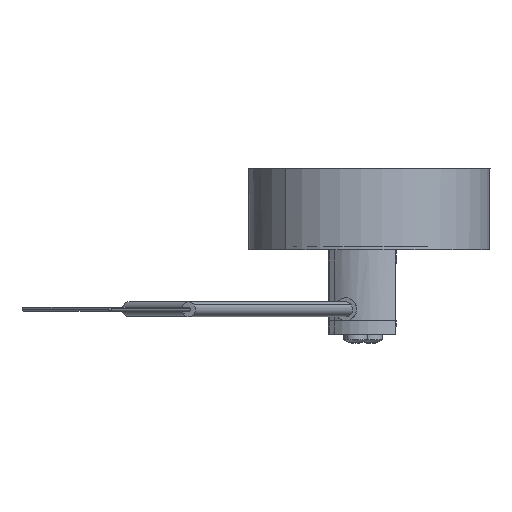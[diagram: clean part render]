
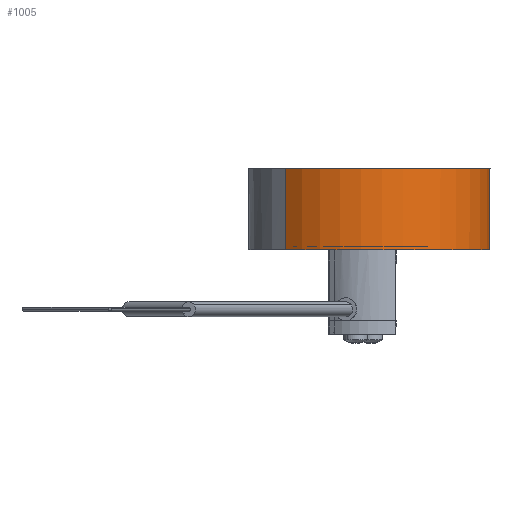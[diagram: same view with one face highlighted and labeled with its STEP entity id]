
A CAD part, left-side view. The second image highlights one B-rep face of the part: STEP entity #1005.
In plain terms, the highlighted cylindrical face has radius 31.5 mm (diameter 63 mm), a partial arc.
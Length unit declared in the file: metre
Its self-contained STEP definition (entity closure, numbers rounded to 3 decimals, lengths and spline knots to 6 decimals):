
#10 = CARTESIAN_POINT ( 'NONE',  ( -0.0315, 0., 0.0212 ) ) ;
#79 = CARTESIAN_POINT ( 'NONE',  ( -0.031048, -0.005317, 0.0212 ) ) ;
#100 = VERTEX_POINT ( 'NONE', #2673 ) ;
#190 = CARTESIAN_POINT ( 'NONE',  ( 0., 0., 0. ) ) ;
#206 = ORIENTED_EDGE ( 'NONE', *, *, #2309, .T. ) ;
#222 = FACE_OUTER_BOUND ( 'NONE', #3080, .T. ) ;
#382 = ORIENTED_EDGE ( 'NONE', *, *, #4426, .F. ) ;
#453 = ORIENTED_EDGE ( 'NONE', *, *, #4396, .T. ) ;
#468 = DIRECTION ( 'NONE',  ( -1., 0., 0. ) ) ;
#476 = AXIS2_PLACEMENT_3D ( 'NONE', #586, #4019, #1954 ) ;
#508 = CIRCLE ( 'NONE', #1882, 0.0315 ) ;
#570 = EDGE_CURVE ( 'NONE', #2428, #3507, #4047, .T. ) ;
#571 = CIRCLE ( 'NONE', #476, 0.0315 ) ;
#586 = CARTESIAN_POINT ( 'NONE',  ( 0., 0., 0.0212 ) ) ;
#638 = VECTOR ( 'NONE', #3139, 1. ) ;
#701 = DIRECTION ( 'NONE',  ( 0., 0., -1. ) ) ;
#704 = CARTESIAN_POINT ( 'NONE',  ( -0.0315, 0., 0. ) ) ;
#894 = DIRECTION ( 'NONE',  ( 0., 0., 1. ) ) ;
#945 = DIRECTION ( 'NONE',  ( -1., 0., 0. ) ) ;
#964 = EDGE_CURVE ( 'NONE', #2860, #100, #3591, .T. ) ;
#1005 = ADVANCED_FACE ( 'NONE', ( #222 ), #2840, .T. ) ;
#1072 = CARTESIAN_POINT ( 'NONE',  ( -0.029547, -0.010919, 0.0106 ) ) ;
#1206 = CARTESIAN_POINT ( 'NONE',  ( 0., 0., 0.0165 ) ) ;
#1219 = ORIENTED_EDGE ( 'NONE', *, *, #964, .F. ) ;
#1236 = DIRECTION ( 'NONE',  ( -1., 0., 0. ) ) ;
#1344 = DIRECTION ( 'NONE',  ( 0., 0., -1. ) ) ;
#1408 = CARTESIAN_POINT ( 'NONE',  ( -0.029547, -0.010919, 0.0165 ) ) ;
#1447 = LINE ( 'NONE', #2038, #3110 ) ;
#1452 = EDGE_CURVE ( 'NONE', #2322, #2860, #1822, .T. ) ;
#1547 = AXIS2_PLACEMENT_3D ( 'NONE', #3555, #2799, #468 ) ;
#1662 = LINE ( 'NONE', #10, #2183 ) ;
#1681 = VERTEX_POINT ( 'NONE', #4014 ) ;
#1710 = VECTOR ( 'NONE', #1344, 1. ) ;
#1822 = CIRCLE ( 'NONE', #1547, 0.0315 ) ;
#1882 = AXIS2_PLACEMENT_3D ( 'NONE', #190, #894, #1236 ) ;
#1886 = ORIENTED_EDGE ( 'NONE', *, *, #1452, .F. ) ;
#1954 = DIRECTION ( 'NONE',  ( -1., 0., 0. ) ) ;
#1958 = AXIS2_PLACEMENT_3D ( 'NONE', #1206, #3608, #2456 ) ;
#2038 = CARTESIAN_POINT ( 'NONE',  ( -0.031048, -0.005317, 0.0106 ) ) ;
#2183 = VECTOR ( 'NONE', #2440, 1. ) ;
#2309 = EDGE_CURVE ( 'NONE', #1681, #4107, #1662, .T. ) ;
#2322 = VERTEX_POINT ( 'NONE', #2424 ) ;
#2347 = CARTESIAN_POINT ( 'NONE',  ( 0., 0., 0.0212 ) ) ;
#2424 = CARTESIAN_POINT ( 'NONE',  ( -0.029547, -0.010919, 0.0212 ) ) ;
#2428 = VERTEX_POINT ( 'NONE', #3141 ) ;
#2440 = DIRECTION ( 'NONE',  ( 0., 0., -1. ) ) ;
#2456 = DIRECTION ( 'NONE',  ( -1., 0., 0. ) ) ;
#2473 = ORIENTED_EDGE ( 'NONE', *, *, #2749, .F. ) ;
#2542 = VERTEX_POINT ( 'NONE', #79 ) ;
#2673 = CARTESIAN_POINT ( 'NONE',  ( 0.0315, 0., 0. ) ) ;
#2749 = EDGE_CURVE ( 'NONE', #2542, #2428, #1447, .T. ) ;
#2799 = DIRECTION ( 'NONE',  ( 0., 0., 1. ) ) ;
#2840 = CYLINDRICAL_SURFACE ( 'NONE', #4033, 0.0315 ) ;
#2860 = VERTEX_POINT ( 'NONE', #3119 ) ;
#2918 = ORIENTED_EDGE ( 'NONE', *, *, #4076, .F. ) ;
#3080 = EDGE_LOOP ( 'NONE', ( #1219, #1886, #2918, #4165, #2473, #382, #206, #453 ) ) ;
#3110 = VECTOR ( 'NONE', #701, 1. ) ;
#3119 = CARTESIAN_POINT ( 'NONE',  ( 0.0315, 0., 0.0212 ) ) ;
#3139 = DIRECTION ( 'NONE',  ( 0., 0., 1. ) ) ;
#3141 = CARTESIAN_POINT ( 'NONE',  ( -0.031048, -0.005317, 0.0165 ) ) ;
#3163 = LINE ( 'NONE', #1072, #638 ) ;
#3507 = VERTEX_POINT ( 'NONE', #1408 ) ;
#3555 = CARTESIAN_POINT ( 'NONE',  ( 0., 0., 0.0212 ) ) ;
#3591 = LINE ( 'NONE', #4074, #1710 ) ;
#3608 = DIRECTION ( 'NONE',  ( 0., 0., 1. ) ) ;
#4014 = CARTESIAN_POINT ( 'NONE',  ( -0.0315, 0., 0.0212 ) ) ;
#4019 = DIRECTION ( 'NONE',  ( 0., 0., 1. ) ) ;
#4027 = DIRECTION ( 'NONE',  ( 0., 0., -1. ) ) ;
#4033 = AXIS2_PLACEMENT_3D ( 'NONE', #2347, #4027, #945 ) ;
#4047 = CIRCLE ( 'NONE', #1958, 0.0315 ) ;
#4074 = CARTESIAN_POINT ( 'NONE',  ( 0.0315, 0., 0.0212 ) ) ;
#4076 = EDGE_CURVE ( 'NONE', #3507, #2322, #3163, .T. ) ;
#4107 = VERTEX_POINT ( 'NONE', #704 ) ;
#4165 = ORIENTED_EDGE ( 'NONE', *, *, #570, .F. ) ;
#4396 = EDGE_CURVE ( 'NONE', #4107, #100, #508, .T. ) ;
#4426 = EDGE_CURVE ( 'NONE', #1681, #2542, #571, .T. ) ;
------------------------------------------------
TASK DESCRIPTION: Transcribe the listing exactly; omit all images.

TASK SOLUTION:
[diagram: clean part render]
[diagram: same view with one face highlighted and labeled with its STEP entity id]
A CAD part, left-side view. The second image highlights one B-rep face of the part: STEP entity #1005.
In plain terms, the highlighted cylindrical face has radius 31.5 mm (diameter 63 mm), a partial arc.
Length unit declared in the file: metre
Its self-contained STEP definition (entity closure, numbers rounded to 3 decimals, lengths and spline knots to 6 decimals):
#10 = CARTESIAN_POINT ( 'NONE',  ( -0.0315, 0., 0.0212 ) ) ;
#79 = CARTESIAN_POINT ( 'NONE',  ( -0.031048, -0.005317, 0.0212 ) ) ;
#100 = VERTEX_POINT ( 'NONE', #2673 ) ;
#190 = CARTESIAN_POINT ( 'NONE',  ( 0., 0., 0. ) ) ;
#206 = ORIENTED_EDGE ( 'NONE', *, *, #2309, .T. ) ;
#222 = FACE_OUTER_BOUND ( 'NONE', #3080, .T. ) ;
#382 = ORIENTED_EDGE ( 'NONE', *, *, #4426, .F. ) ;
#453 = ORIENTED_EDGE ( 'NONE', *, *, #4396, .T. ) ;
#468 = DIRECTION ( 'NONE',  ( -1., 0., 0. ) ) ;
#476 = AXIS2_PLACEMENT_3D ( 'NONE', #586, #4019, #1954 ) ;
#508 = CIRCLE ( 'NONE', #1882, 0.0315 ) ;
#570 = EDGE_CURVE ( 'NONE', #2428, #3507, #4047, .T. ) ;
#571 = CIRCLE ( 'NONE', #476, 0.0315 ) ;
#586 = CARTESIAN_POINT ( 'NONE',  ( 0., 0., 0.0212 ) ) ;
#638 = VECTOR ( 'NONE', #3139, 1. ) ;
#701 = DIRECTION ( 'NONE',  ( 0., 0., -1. ) ) ;
#704 = CARTESIAN_POINT ( 'NONE',  ( -0.0315, 0., 0. ) ) ;
#894 = DIRECTION ( 'NONE',  ( 0., 0., 1. ) ) ;
#945 = DIRECTION ( 'NONE',  ( -1., 0., 0. ) ) ;
#964 = EDGE_CURVE ( 'NONE', #2860, #100, #3591, .T. ) ;
#1005 = ADVANCED_FACE ( 'NONE', ( #222 ), #2840, .T. ) ;
#1072 = CARTESIAN_POINT ( 'NONE',  ( -0.029547, -0.010919, 0.0106 ) ) ;
#1206 = CARTESIAN_POINT ( 'NONE',  ( 0., 0., 0.0165 ) ) ;
#1219 = ORIENTED_EDGE ( 'NONE', *, *, #964, .F. ) ;
#1236 = DIRECTION ( 'NONE',  ( -1., 0., 0. ) ) ;
#1344 = DIRECTION ( 'NONE',  ( 0., 0., -1. ) ) ;
#1408 = CARTESIAN_POINT ( 'NONE',  ( -0.029547, -0.010919, 0.0165 ) ) ;
#1447 = LINE ( 'NONE', #2038, #3110 ) ;
#1452 = EDGE_CURVE ( 'NONE', #2322, #2860, #1822, .T. ) ;
#1547 = AXIS2_PLACEMENT_3D ( 'NONE', #3555, #2799, #468 ) ;
#1662 = LINE ( 'NONE', #10, #2183 ) ;
#1681 = VERTEX_POINT ( 'NONE', #4014 ) ;
#1710 = VECTOR ( 'NONE', #1344, 1. ) ;
#1822 = CIRCLE ( 'NONE', #1547, 0.0315 ) ;
#1882 = AXIS2_PLACEMENT_3D ( 'NONE', #190, #894, #1236 ) ;
#1886 = ORIENTED_EDGE ( 'NONE', *, *, #1452, .F. ) ;
#1954 = DIRECTION ( 'NONE',  ( -1., 0., 0. ) ) ;
#1958 = AXIS2_PLACEMENT_3D ( 'NONE', #1206, #3608, #2456 ) ;
#2038 = CARTESIAN_POINT ( 'NONE',  ( -0.031048, -0.005317, 0.0106 ) ) ;
#2183 = VECTOR ( 'NONE', #2440, 1. ) ;
#2309 = EDGE_CURVE ( 'NONE', #1681, #4107, #1662, .T. ) ;
#2322 = VERTEX_POINT ( 'NONE', #2424 ) ;
#2347 = CARTESIAN_POINT ( 'NONE',  ( 0., 0., 0.0212 ) ) ;
#2424 = CARTESIAN_POINT ( 'NONE',  ( -0.029547, -0.010919, 0.0212 ) ) ;
#2428 = VERTEX_POINT ( 'NONE', #3141 ) ;
#2440 = DIRECTION ( 'NONE',  ( 0., 0., -1. ) ) ;
#2456 = DIRECTION ( 'NONE',  ( -1., 0., 0. ) ) ;
#2473 = ORIENTED_EDGE ( 'NONE', *, *, #2749, .F. ) ;
#2542 = VERTEX_POINT ( 'NONE', #79 ) ;
#2673 = CARTESIAN_POINT ( 'NONE',  ( 0.0315, 0., 0. ) ) ;
#2749 = EDGE_CURVE ( 'NONE', #2542, #2428, #1447, .T. ) ;
#2799 = DIRECTION ( 'NONE',  ( 0., 0., 1. ) ) ;
#2840 = CYLINDRICAL_SURFACE ( 'NONE', #4033, 0.0315 ) ;
#2860 = VERTEX_POINT ( 'NONE', #3119 ) ;
#2918 = ORIENTED_EDGE ( 'NONE', *, *, #4076, .F. ) ;
#3080 = EDGE_LOOP ( 'NONE', ( #1219, #1886, #2918, #4165, #2473, #382, #206, #453 ) ) ;
#3110 = VECTOR ( 'NONE', #701, 1. ) ;
#3119 = CARTESIAN_POINT ( 'NONE',  ( 0.0315, 0., 0.0212 ) ) ;
#3139 = DIRECTION ( 'NONE',  ( 0., 0., 1. ) ) ;
#3141 = CARTESIAN_POINT ( 'NONE',  ( -0.031048, -0.005317, 0.0165 ) ) ;
#3163 = LINE ( 'NONE', #1072, #638 ) ;
#3507 = VERTEX_POINT ( 'NONE', #1408 ) ;
#3555 = CARTESIAN_POINT ( 'NONE',  ( 0., 0., 0.0212 ) ) ;
#3591 = LINE ( 'NONE', #4074, #1710 ) ;
#3608 = DIRECTION ( 'NONE',  ( 0., 0., 1. ) ) ;
#4014 = CARTESIAN_POINT ( 'NONE',  ( -0.0315, 0., 0.0212 ) ) ;
#4019 = DIRECTION ( 'NONE',  ( 0., 0., 1. ) ) ;
#4027 = DIRECTION ( 'NONE',  ( 0., 0., -1. ) ) ;
#4033 = AXIS2_PLACEMENT_3D ( 'NONE', #2347, #4027, #945 ) ;
#4047 = CIRCLE ( 'NONE', #1958, 0.0315 ) ;
#4074 = CARTESIAN_POINT ( 'NONE',  ( 0.0315, 0., 0.0212 ) ) ;
#4076 = EDGE_CURVE ( 'NONE', #3507, #2322, #3163, .T. ) ;
#4107 = VERTEX_POINT ( 'NONE', #704 ) ;
#4165 = ORIENTED_EDGE ( 'NONE', *, *, #570, .F. ) ;
#4396 = EDGE_CURVE ( 'NONE', #4107, #100, #508, .T. ) ;
#4426 = EDGE_CURVE ( 'NONE', #1681, #2542, #571, .T. ) ;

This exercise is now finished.